You can’t force someone to get a flu shot, but what do you do when that person is dealing with the sick and elderly?
That’s the dilemma facing health agencies all across Canada and the U.S. But attempts to force the issue are running up against union resistance.
In British Columbia, unions are complaining that a new flu shot policy breaches privacy rights. The province has mandated all front-line health workers to either get a flu shot or wear a mask during flu season.
B.C.’s provincial health officer, Dr. Perry Kendall, told CTV News that the policy will prevent the spread of the flu, which can be deadly for elderly patients.
“It’s not mandatory flu shots, it’s an influenza control program,” Kendall said. “Unfortunately, despite all our efforts on educating and getting voluntary compliance, on average, the health-care worker influenza (immunization) rates across Canada have been below 50 per cent.”
That’s an astonishingly low number. And, knowing how well-established and effective the vaccine is, it represents a surprisingly dismissive attitude on the part of those who work with the sick.
The science of flu vaccines has been around for the better part of a century. As for its effectiveness, one need only look at statistics. The Spanish flu of 1918-1919 killed up to 50 million people worldwide. The swine flu pandemic of 2009: less than 15,000.
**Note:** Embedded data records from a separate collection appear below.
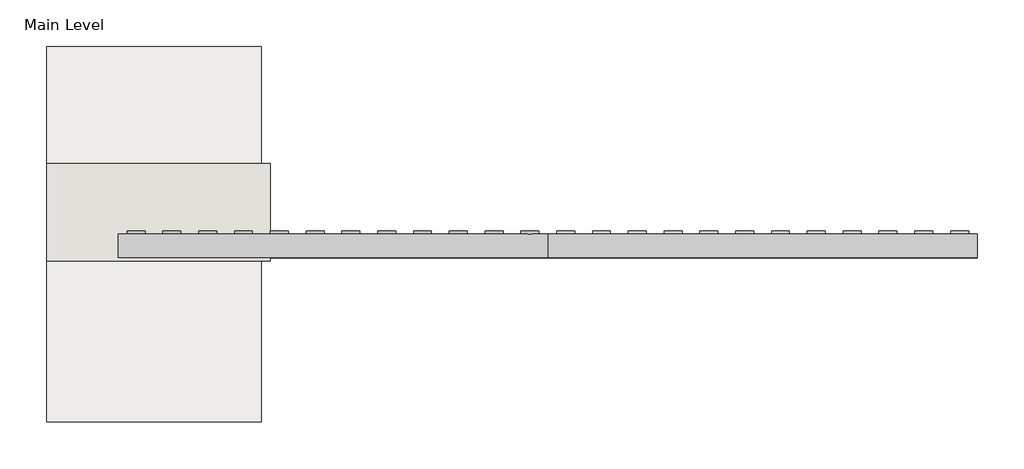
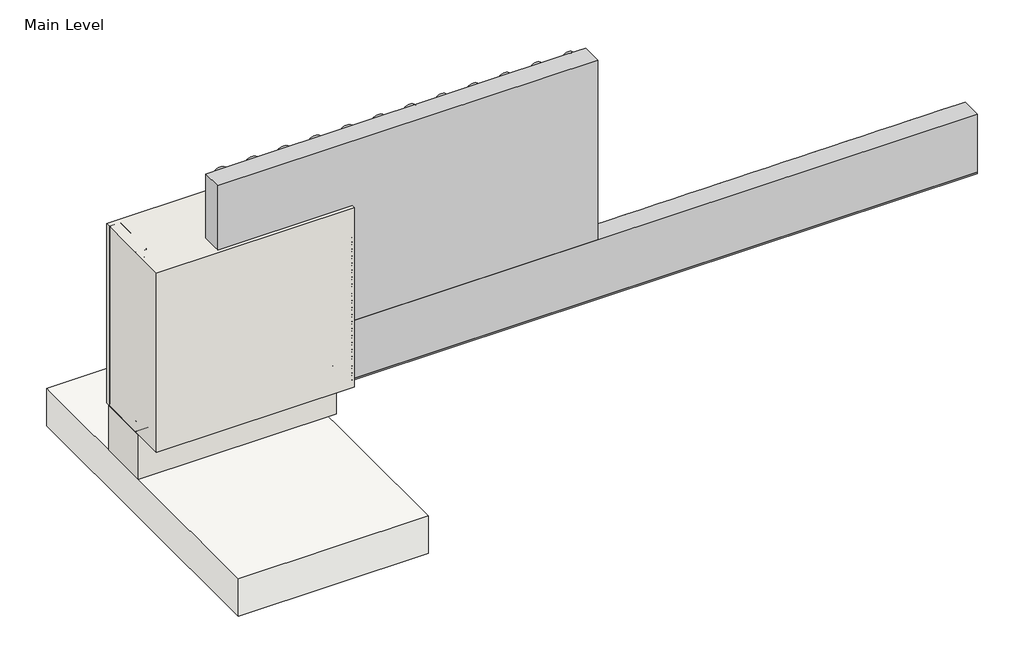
# One storey, incomplete: 18 proxies, 2 walls, 1 slab.
"""IFC4 building model written with IfcOpenShell, lengths in millimetres."""

from ifc_helpers import new_model, si_unit, frame, origin, origin_with_axes, place, context, project, spatial, polyline, outline, extrude, transform, mapped, element, save
from components import generic_models_31547c53, generic_models_0bbfdc8f, generic_models_1e1ad44f, generic_models_7dd17a53, generic_models_441de798, generic_models_9d0e7a2a, generic_models_a6b5edb7, generic_models_03ec6e0e, proxy_50213ae0, proxy_cc65e3d2, wood_blocking_45ac4bf3

model = new_model("IFC4")

# Units and contexts
model_context = context("Model", 3, world=origin())
ifc_project = project(units=[si_unit("LENGTHUNIT", "METRE", prefix="MILLI")], contexts=[model_context])

# Site, building, storey
site = spatial("IfcSite", under=ifc_project)
building = spatial("IfcBuilding", under=site)
storey = spatial("IfcBuildingStorey", under=building, Name="Main Level", Elevation=0.0)

# Proxies
placement = place(None, origin())
generic_models_shape = generic_models_31547c53(model_context)
element("IfcBuildingElementProxy", 1, Name="Durabond Generic Model Sealant Vent : Durabond Generic Model Sealant Vent", ObjectType="Durabond Generic Model Sealant Vent : Durabond Generic Model Sealant Vent", at=placement, inside=storey, context=model_context, shape_type="MappedRepresentation", body=[
    mapped(generic_models_shape, transform((26865.4101773, 546.8432813, 8.5594788), x_axis=(1.0, 0.0, 0.0), y_axis=(0.0, 0.08715574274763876, -0.9961946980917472), z_axis=(0.0, 0.9961946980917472, 0.08715574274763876))),
])
generic_models_2_shape = generic_models_0bbfdc8f(model_context)
generic_models_3_shape = generic_models_1e1ad44f(model_context)
generic_models_4_shape = generic_models_7dd17a53(model_context)
generic_models_5_shape = generic_models_441de798(model_context)
element("IfcBuildingElementProxy", 2, Name="CRAi Generic Model Mesh Piece Face Based : CRAi Generic Model Mesh Piece Face Based", ObjectType="CRAi Generic Model Mesh Piece Face Based : CRAi Generic Model Mesh Piece Face Based", at=placement, inside=storey, context=model_context, shape_type="MappedRepresentation", body=[
    mapped(generic_models_2_shape, transform((26933.6726773, 541.9066297, 261.6963215), x_axis=(-1.0, 0.0, 0.0), y_axis=(0.0, 0.0, -1.0), z_axis=(0.0, -1.0, 0.0))),
    mapped(generic_models_3_shape, transform((26933.6726773, 541.9066297, 261.6963215), x_axis=(-1.0, 0.0, 0.0), y_axis=(0.0, 0.0, -1.0), z_axis=(0.0, -1.0, 0.0))),
    mapped(generic_models_4_shape, transform((26933.6726773, 541.9066297, 261.6963215), x_axis=(-1.0, 0.0, 0.0), y_axis=(0.0, 0.0, -1.0), z_axis=(0.0, -1.0, 0.0))),
    mapped(generic_models_5_shape, transform((26933.6726773, 541.9066297, 261.6963215), x_axis=(-1.0, 0.0, 0.0), y_axis=(0.0, 0.0, -1.0), z_axis=(0.0, -1.0, 0.0))),
])
generic_models_6_shape = generic_models_9d0e7a2a(model_context)
element("IfcBuildingElementProxy", 3, Name="CRAi Generic Model Metal Stud Array : CRAi Generic Model Metal Stud Array", ObjectType="CRAi Generic Model Metal Stud Array : CRAi Generic Model Metal Stud Array", at=placement, inside=storey, context=model_context, shape_type="MappedRepresentation", body=[
    mapped(generic_models_6_shape, transform((26666.9726773, 726.0566297, 6.35), x_axis=(-1.0, 0.0, 0.0), y_axis=(0.0, -1.0, 0.0), z_axis=(0.0, 0.0, 1.0))),
])
generic_models_7_shape = generic_models_a6b5edb7(model_context)
element("IfcBuildingElementProxy", 4, Name="Durabond Generic Model Insulation Adhesive Flat : Durabond Generic Model Insulation Adhesive Flat", ObjectType="Durabond Generic Model Insulation Adhesive Flat : Durabond Generic Model Insulation Adhesive Flat", at=placement, inside=storey, context=model_context, shape_type="MappedRepresentation", body=[
    mapped(generic_models_7_shape, transform((26717.7726773, 627.6316297, 88.9), x_axis=(1.0, 0.0, 0.0), y_axis=(0.0, 1.0, 0.0), z_axis=(0.0, 0.0, 1.0))),
])
element("IfcBuildingElementProxy", 5, Name="Durabond Generic Model Insulation Adhesive Flat : Durabond Generic Model Insulation Adhesive Flat", ObjectType="Durabond Generic Model Insulation Adhesive Flat : Durabond Generic Model Insulation Adhesive Flat", at=placement, inside=storey, context=model_context, shape_type="MappedRepresentation", body=[
    mapped(generic_models_7_shape, transform((26819.3726773, 627.6316297, 88.9), x_axis=(1.0, 0.0, 0.0), y_axis=(0.0, 1.0, 0.0), z_axis=(0.0, 0.0, 1.0))),
])
element("IfcBuildingElementProxy", 6, Name="Durabond Generic Model Insulation Adhesive Flat : Durabond Generic Model Insulation Adhesive Flat", ObjectType="Durabond Generic Model Insulation Adhesive Flat : Durabond Generic Model Insulation Adhesive Flat", at=placement, inside=storey, context=model_context, shape_type="MappedRepresentation", body=[
    mapped(generic_models_7_shape, transform((26920.9726773, 627.6316297, 88.9), x_axis=(1.0, 0.0, 0.0), y_axis=(0.0, 1.0, 0.0), z_axis=(0.0, 0.0, 1.0))),
])
element("IfcBuildingElementProxy", 7, Name="Durabond Generic Model Insulation Adhesive Flat : Durabond Generic Model Insulation Adhesive Flat", ObjectType="Durabond Generic Model Insulation Adhesive Flat : Durabond Generic Model Insulation Adhesive Flat", at=placement, inside=storey, context=model_context, shape_type="MappedRepresentation", body=[
    mapped(generic_models_7_shape, transform((27022.5726773, 627.6316297, 88.9), x_axis=(1.0, 0.0, 0.0), y_axis=(0.0, 1.0, 0.0), z_axis=(0.0, 0.0, 1.0))),
])
generic_models_8_shape = generic_models_03ec6e0e(model_context)
element("IfcBuildingElementProxy", 8, Name="CRAi Generic Model Drywall Screw : CRAi Generic Model Drywall Screw", ObjectType="CRAi Generic Model Drywall Screw : CRAi Generic Model Drywall Screw", at=placement, inside=storey, context=model_context, shape_type="MappedRepresentation", body=[
    mapped(generic_models_8_shape, transform((26482.8226773, 633.9816297, 25.4), x_axis=(1.0, 0.0, 0.0), y_axis=(0.0, 0.0, 1.0), z_axis=(0.0, -1.0, 0.0))),
])
element("IfcBuildingElementProxy", 9, Name="CRAi Generic Model Drywall Screw : CRAi Generic Model Drywall Screw", ObjectType="CRAi Generic Model Drywall Screw : CRAi Generic Model Drywall Screw", at=placement, inside=storey, context=model_context, shape_type="MappedRepresentation", body=[
    mapped(generic_models_8_shape, transform((26482.8226773, 633.9816297, 215.9), x_axis=(1.0, 0.0, 0.0), y_axis=(0.0, 0.0, 1.0), z_axis=(0.0, -1.0, 0.0))),
])
element("IfcBuildingElementProxy", 10, Name="CRAi Generic Model Drywall Screw : CRAi Generic Model Drywall Screw", ObjectType="CRAi Generic Model Drywall Screw : CRAi Generic Model Drywall Screw", at=placement, inside=storey, context=model_context, shape_type="MappedRepresentation", body=[
    mapped(generic_models_8_shape, transform((26482.8226773, 633.9816297, 406.4), x_axis=(1.0, 0.0, 0.0), y_axis=(0.0, 0.0, 1.0), z_axis=(0.0, -1.0, 0.0))),
])
element("IfcBuildingElementProxy", 11, Name="CRAi Generic Model Drywall Screw : CRAi Generic Model Drywall Screw", ObjectType="CRAi Generic Model Drywall Screw : CRAi Generic Model Drywall Screw", at=placement, inside=storey, context=model_context, shape_type="MappedRepresentation", body=[
    mapped(generic_models_8_shape, transform((26482.8226773, 633.9816297, 596.9), x_axis=(1.0, 0.0, 0.0), y_axis=(0.0, 0.0, 1.0), z_axis=(0.0, -1.0, 0.0))),
])
element("IfcBuildingElementProxy", 12, Name="CRAi Generic Model Drywall Screw : CRAi Generic Model Drywall Screw", ObjectType="CRAi Generic Model Drywall Screw : CRAi Generic Model Drywall Screw", at=placement, inside=storey, context=model_context, shape_type="MappedRepresentation", body=[
    mapped(generic_models_8_shape, transform((26851.1226773, 633.9816297, 25.4), x_axis=(1.0, 0.0, 0.0), y_axis=(0.0, 0.0, 1.0), z_axis=(0.0, -1.0, 0.0))),
])
element("IfcBuildingElementProxy", 13, Name="CRAi Generic Model Drywall Screw : CRAi Generic Model Drywall Screw", ObjectType="CRAi Generic Model Drywall Screw : CRAi Generic Model Drywall Screw", at=placement, inside=storey, context=model_context, shape_type="MappedRepresentation", body=[
    mapped(generic_models_8_shape, transform((26851.1226773, 633.9816297, 215.9), x_axis=(1.0, 0.0, 0.0), y_axis=(0.0, 0.0, 1.0), z_axis=(0.0, -1.0, 0.0))),
])
element("IfcBuildingElementProxy", 14, Name="CRAi Generic Model Drywall Screw : CRAi Generic Model Drywall Screw", ObjectType="CRAi Generic Model Drywall Screw : CRAi Generic Model Drywall Screw", at=placement, inside=storey, context=model_context, shape_type="MappedRepresentation", body=[
    mapped(generic_models_8_shape, transform((26851.1226773, 633.9816297, 406.4), x_axis=(1.0, 0.0, 0.0), y_axis=(0.0, 0.0, 1.0), z_axis=(0.0, -1.0, 0.0))),
])
element("IfcBuildingElementProxy", 15, Name="CRAi Generic Model Drywall Screw : CRAi Generic Model Drywall Screw", ObjectType="CRAi Generic Model Drywall Screw : CRAi Generic Model Drywall Screw", at=placement, inside=storey, context=model_context, shape_type="MappedRepresentation", body=[
    mapped(generic_models_8_shape, transform((26851.1226773, 633.9816297, 596.9), x_axis=(1.0, 0.0, 0.0), y_axis=(0.0, 0.0, 1.0), z_axis=(0.0, -1.0, 0.0))),
])
proxy_shape = proxy_50213ae0(model_context)
element("IfcBuildingElementProxy", 16, Name="Durabond Generic Model Quantum Select 5-0 Insulation Board : 3\"", ObjectType="Durabond Generic Model Quantum Select 5-0 Insulation Board : 3\"", at=placement, inside=storey, context=model_context, shape_type="MappedRepresentation", body=[
    mapped(proxy_shape, transform((27276.5726773, 624.4566297, 523.392643), x_axis=(1.0, 0.0, 0.0), y_axis=(0.0, 0.0, 1.0), z_axis=(0.0, -1.0, 0.0))),
])
proxy_2_shape = proxy_cc65e3d2(model_context)
element("IfcBuildingElementProxy", 17, Name="Durabond Generic Model Quantum Select 5-0 Vent Board : 3\"", ObjectType="Durabond Generic Model Quantum Select 5-0 Vent Board : 3\"", at=placement, inside=storey, context=model_context, shape_type="MappedRepresentation", body=[
    mapped(proxy_2_shape, transform((27886.1726773, 624.4566297, 116.992643), x_axis=(1.0, 0.0, 0.0), y_axis=(0.0, 0.0, 1.0), z_axis=(0.0, -1.0, 0.0))),
])
wood_blocking_shape = wood_blocking_45ac4bf3(model_context)
element("IfcBuildingElementProxy", 18, Name="CRAi Generic Model Line Based Metal Framing Track : Wood Blocking", ObjectType="CRAi Generic Model Line Based Metal Framing Track : Wood Blocking", at=placement, inside=storey, context=model_context, shape_type="MappedRepresentation", body=[
    mapped(wood_blocking_shape, transform((26463.7726773, 649.8566297, 0.0), x_axis=(1.0, 0.0, 0.0), y_axis=(0.0, 1.0, 0.0), z_axis=(0.0, 0.0, 1.0))),
])

# Slab
element("IfcSlab", 19, ObjectType="CRAi Concrete Floor - 5\"", at=placement, inside=storey, context=model_context, shape_type="SweptSolid", body=[
    extrude(outline(polyline([(27073.3726773, 81.5316297), (26463.7726773, 81.5316297), (26463.7726773, 1148.3316297), (27073.3726773, 1148.3316297), (27073.3726773, 81.5316297)])), frame((0.0, 0.0, -279.4), z_axis=(0.0, 0.0, 1.0), x_axis=(1.0, 0.0, 0.0)), (0.0, 0.0, 1.0), 127.0),
])

# Walls
element("IfcWall", 20, ObjectType="189mm (7.5”) EIFS Field Applied on Mtl. Stud Layer - 50mm Grooved Insulation Board Metal Stud Wall", at=placement, inside=storey, context=model_context, shape_type="SweptSolid", body=[
    extrude(outline(polyline([(27098.7726773, 538.7316297), (26463.7726773, 538.7316297), (26463.7726773, 814.9566297), (27098.7726773, 814.9566297), (27098.7726773, 538.7316297)])), origin_with_axes(), (0.0, 0.0, 1.0), 609.6),
])
element("IfcWall", 21, ObjectType="Durabond 6\" Concrete Wall", at=placement, inside=storey, context=model_context, shape_type="SweptSolid", body=[
    extrude(outline(polyline([(27098.7726773, 637.1566297), (26463.7726773, 637.1566297), (26463.7726773, 802.2566297), (27098.7726773, 802.2566297), (27098.7726773, 637.1566297)])), frame((0.0, 0.0, -152.4), z_axis=(0.0, 0.0, 1.0), x_axis=(1.0, 0.0, 0.0)), (0.0, 0.0, 1.0), 152.4),
])

save(model, "model.ifc")

Earlier this month, Public Health Ontario called for the flu shot to be mandatory for all health-care workers in the province, urging it to be a condition of employment in hospitals, nursing homes, home care or in any kind of community setting.
According to the Toronto Star, the agency said voluntary use of the annual vaccine has not been high enough, even though, at 60 per cent, it’s higher than the national average.
Ontario’s health minister said province-wide mandatory vaccination is not on the radar yet. But inoculation has been made mandatory at one hospital in North Bay and a handful of public health units.
In central Newfoundland, the health authority has taken a different approach. Central Health announced a policy whereby staff who are not inoculated must stay home without pay in the event of a flu outbreak.
Newfoundland and Labrador Nurses’ Union president Debbie Forward said the move is heavyhanded and discriminatory. She urged stepping up education efforts.
But, as statistics show, education is not meeting with much success. Odd, since nowhere is a worker more immersed in the marvels of modern medicine than in a hospital.
The problem is not so much the level education, but the comparable spread of misinformation. Vaccines, in general, have come under fire in recent years by zealous fringe groups who propagate myths and lies about their efficacy and dangers.
In the age of the Internet and social media, everyone is inundated by these quack theories. Fearmongers troll the web, searching out vaccine stories and posting ominous tales of dangerous side-effects and complications.
Health workers should be more responsible. But forcing them to get a shot raises numerous thorny issues of personal rights and freedoms.
If only there was a vaccine against misinformation.